Tidak terhitung jumlah warga negara yang telah mengikuti seleksi, termasuk warga Kota Tangerang Selatan (Tangsel). Karena sebagai pegawai negeri telah menjadi dambaan sejak dahulu kala.
Semula memang pegawai negeri kental disebut abdi negara. Eeh belakangan menjadi aparatur negara. Woooooh......Keren! Predikat atau sebutan aparatur negara menjadi kosa kata yang mengandung nilai tersendiri bagi sebagian warga masyarakat.

Kenapa banyak pihak dambakan menjadi abdi negara alias aparatur negara? Alasan pertama, ada perasaan bangga. Kedua, dapat pensiun. Ketiga, bekerja tidak di bawah tekanan. Keempat, kebanyakan bekerja santai. Dan kelima, masalah disiplin waktu agak longgar.
Juga bisa jadi, rata-rata anak bangsa merasa sebagai sosok 'priyayi' bila bekerja di lingkungan pemerintahan meski di tingkat kelurahan. Kenikmatan lainnya yang diperoleh sebagai pegawai negeri, antara lain selalu ada penyesuaian gaji bila harga sembilan bahan pokok (sembako) naik.

Pemerintah sangat memperhatikan persoalan hidup pegawai negeri.
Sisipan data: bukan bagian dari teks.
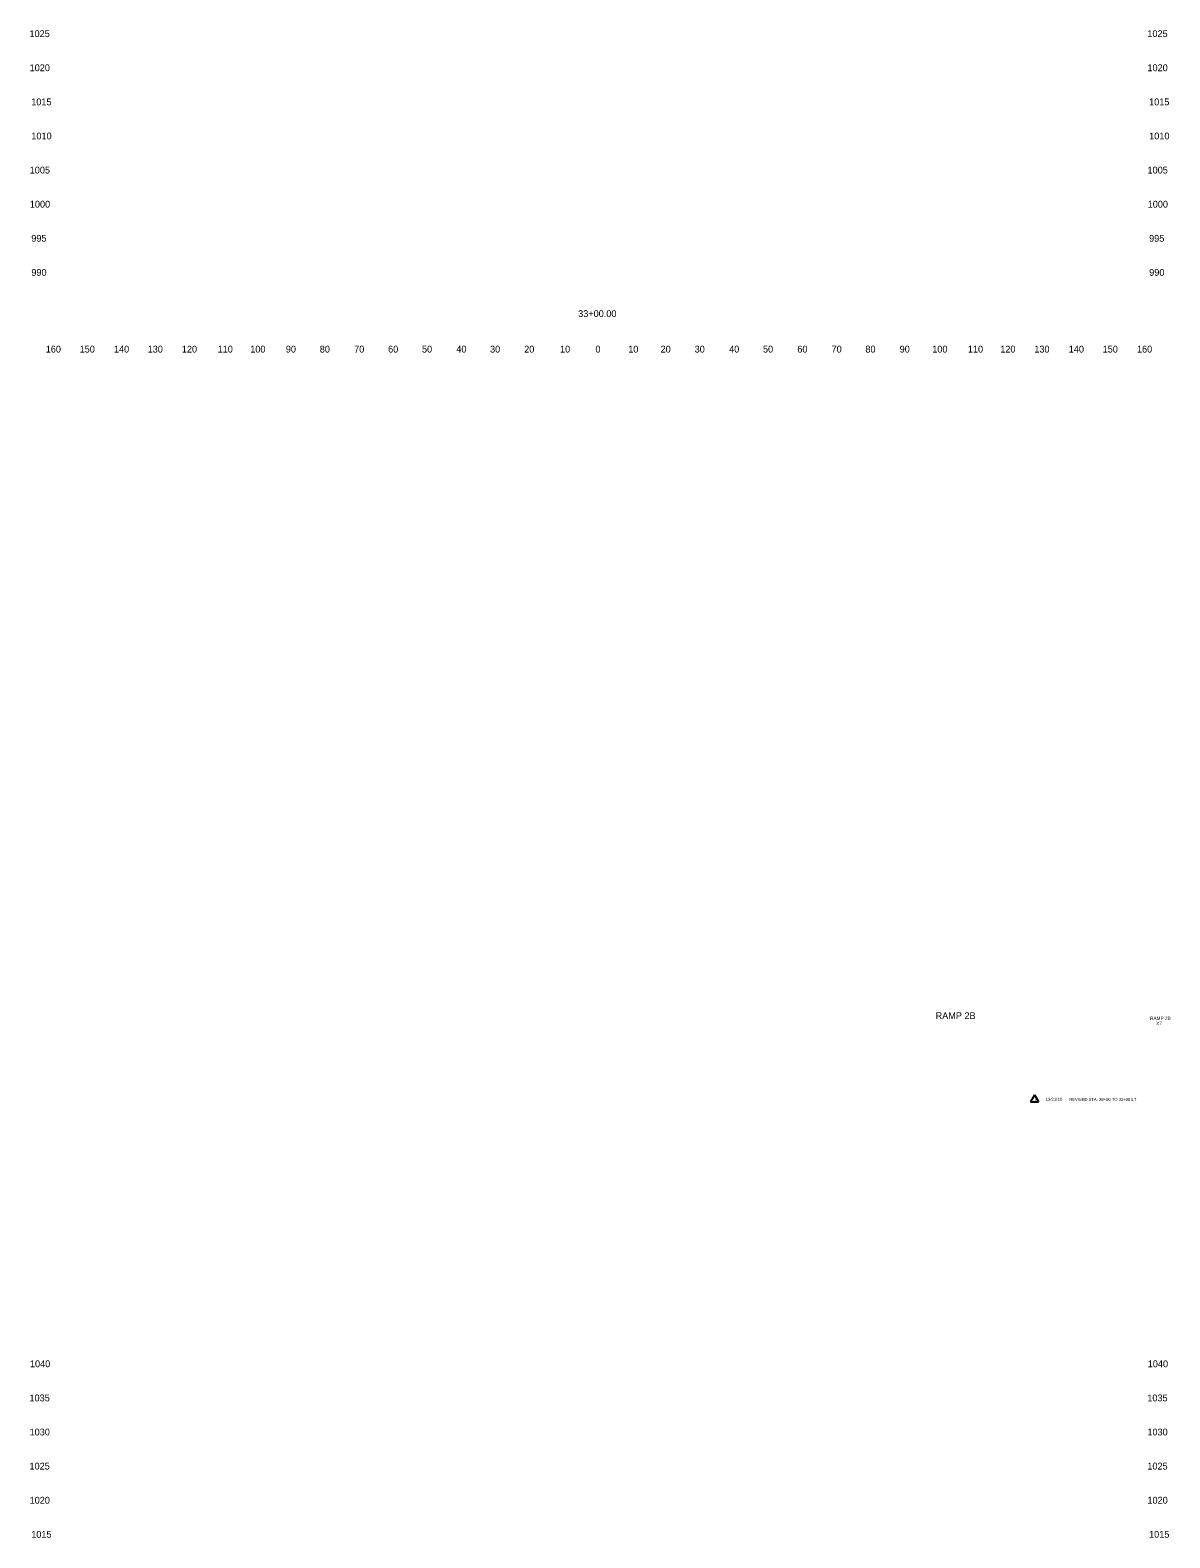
# Model space of a CAD drawing. Extents: x 4994 to 6358, y 4997 to 8804.
# Drawn here: x 4993.5 to 5327.7, y 7450 to 7892 of the extents above; entities that cross this region are included whole.
import ezdxf

# ---------------------------------------------------------------- set-up
doc = ezdxf.new("R2010")
doc.units = 0
for name, color, linetype in [('RD_SHT_ID', 7, 'Continuous'), ('RD_SHT_TX', 7, 'Continuous'), ('RD_XS_TX_Offset', 7, 'Continuous'), ('RD_XS_TX_Station', 7, 'Continuous')]:
    doc.layers.add(name, color=color, linetype=linetype)

msp = doc.modelspace()

# ---------------------------------------------------------------- linework, layer by layer
at = {"layer": 'RD_SHT_TX'}
for p, q in [((5288.05, 7579.83), (5286.91, 7577.8)), ((5286.91, 7577.8), (5289.19, 7577.8)), ((5288.05, 7579.83), (5289.19, 7577.8))]:
    msp.add_line(p, q, dxfattribs=at)

# ---------------------------------------------------------------- texts
at = {"layer": 'RD_SHT_ID'}
for s, height, p in [('RAMP 2B', 2, (5259.05, 7602.06)), ('RAMP 2B', 1, (5321.94, 7601.8)), ('X7', 1, (5323.74, 7600.3))]:
    msp.add_text(s, height=height, dxfattribs=at).set_placement(p)
at = {"layer": 'RD_SHT_TX'}
for s, p in [('1', (5288.05, 7578.13)), ('12/21/18', (5291.35, 7578.12)), ('REVISED STA. 28+00 TO 33+00 LT', (5298.25, 7578.09))]:
    msp.add_text(s, height=0.88, dxfattribs=at).set_placement(p)
at = {"layer": 'RD_XS_TX_Offset'}
for s, p in [('1025', (4993.34, 7890)), ('1025', (5321.14, 7890)), ('1020', (4993.37, 7880)), ('1020', (5321.17, 7880)), ('1015', (4993.85, 7870)), ('1015', (5321.65, 7870)), ('1010', (4993.88, 7860)), ('1010', (5321.68, 7860)), ('1005', (4993.4, 7850)), ('1005', (5321.2, 7850)), ('1000', (4993.44, 7840)), ('1000', (5321.24, 7840)), ('995', (4993.86, 7830)), ('995', (5321.66, 7830)), ('990', (4993.89, 7820)), ('990', (5321.69, 7820)), ('160', (4998.1, 7797.5)), ('150', (5008.04, 7797.5)), ('140', (5018.1, 7797.5)), ('130', (5027.99, 7797.5)), ('120', (5038.01, 7797.5)), ('110', (5048.51, 7797.5)), ('100', (5058.07, 7797.5)), ('90', (5068.5, 7797.5)), ('80', (5078.46, 7797.5)), ('70', (5088.54, 7797.5)), ('60', (5098.5, 7797.5)), ('50', (5108.43, 7797.5)), ('40', (5118.5, 7797.5)), ('30', (5128.39, 7797.5)), ('20', (5138.4, 7797.5)), ('10', (5148.91, 7797.5)), ('0', (5159.3, 7797.5)), ('0', (5159.3, 7797.5)), ('10', (5168.91, 7797.5)), ('20', (5178.4, 7797.5)), ('30', (5188.39, 7797.5)), ('40', (5198.5, 7797.5)), ('50', (5208.43, 7797.5)), ('60', (5218.5, 7797.5)), ('70', (5228.54, 7797.5)), ('80', (5238.46, 7797.5)), ('90', (5248.5, 7797.5)), ('100', (5258.07, 7797.5)), ('110', (5268.51, 7797.5)), ('120', (5278.01, 7797.5)), ('130', (5287.99, 7797.5)), ('140', (5298.1, 7797.5)), ('150', (5308.04, 7797.5)), ('160', (5318.1, 7797.5)), ('1040', (4993.47, 7500)), ('1040', (5321.27, 7500)), ('1035', (4993.33, 7490)), ('1035', (5321.13, 7490)), ('1030', (4993.36, 7480)), ('1030', (5321.16, 7480)), ('1025', (4993.34, 7470)), ('1025', (5321.14, 7470)), ('1020', (4993.37, 7460)), ('1020', (5321.17, 7460)), ('1015', (4993.85, 7450)), ('1015', (5321.65, 7450))]:
    msp.add_text(s, height=2, dxfattribs=at).set_placement(p)
at = {"layer": 'RD_XS_TX_Station'}
msp.add_text('33+00.00', height=2, dxfattribs=at).set_placement((5154.23, 7807.92))

doc.saveas('drawing.dxf')

Banyak pengeluaran semata-mata untuk 'memanjakan' abdi negara tersebut. Tidak heran kebijakan pemerintah membuka celah seseorang untuk melakukan praktik korupsi. Ya korupsi waktu, korupsi anggaran, dan korupsi jawaban.

Sangat wajar pengumuman hasil seleksi CPNS sangat dinanti-nanti. Sangat wajar pula di tengah menanti pengumaman, tidak sedikit yang melakukan kasak-kusuk mencari 'loket' transaksi kelulusan. Tersiar kabar ada yang berani membayar kelulusan hingga menerima sertifikat hingga ratusan juta rupiah. Woooh......!

Tidak tertutup kemungkinan pula ada yang membawa 'katebelece alias surat sakti'. Bahwa CPNS bersangkutan titipan dari si Polan, pejabat berpengaruh. Cuku ironis, bahkan sangat naif. Ingin menjadi pegawai negeri melalui jalur-jalur 'Jalan Tol'. Besar pula ongkosnya.

Kantor Kementerian Pemberdayaan Aparatur Negara diyakini tidak akan mempermainkan perasaan CPNS. Instansi ini tentu telah memiliki standar baku untuk menerima CPNS menjadi PNS. Namun, bukan berarti oknum-oknum di lingkungan instansi pemerintahan ini tidak bermain di balik penerimaan pegawai negeri.

Curiga bisa dimaklumi, tetapi tidak menuduh. Anekdot-anekdot seputar seleksi CPNS ini cenderung negatif. Tidak hanya sumpah serapah dan makian, bahkan isu terjadi transaksi 'jual-beli' atau 'bisnis' kelulusan pegawai negeri bukan rahasia lagi.

Sangat wajarlah, bila sejumlah CPNS mencari jalan kemudahan dengan menerobos jalan tol agar dapat kepastian lulus seleksi CPNS meski hasilnya belum diumumkan.

Tengoklah, Dinas terkait di Pemerintah Kota Tangsel. Dapat dipastikan saben hari ada CPNS yang mondar-mandir mendekati oknum aparatur negara yang mampu membantu kemudahan kelulusan. Apalagi saat ini teknologi sudah canggih, bisa hubungi pejabat tertentu tidak harus tatap muka. Bisa melalui pesan singat (baca: SMS), juga bisa BBM.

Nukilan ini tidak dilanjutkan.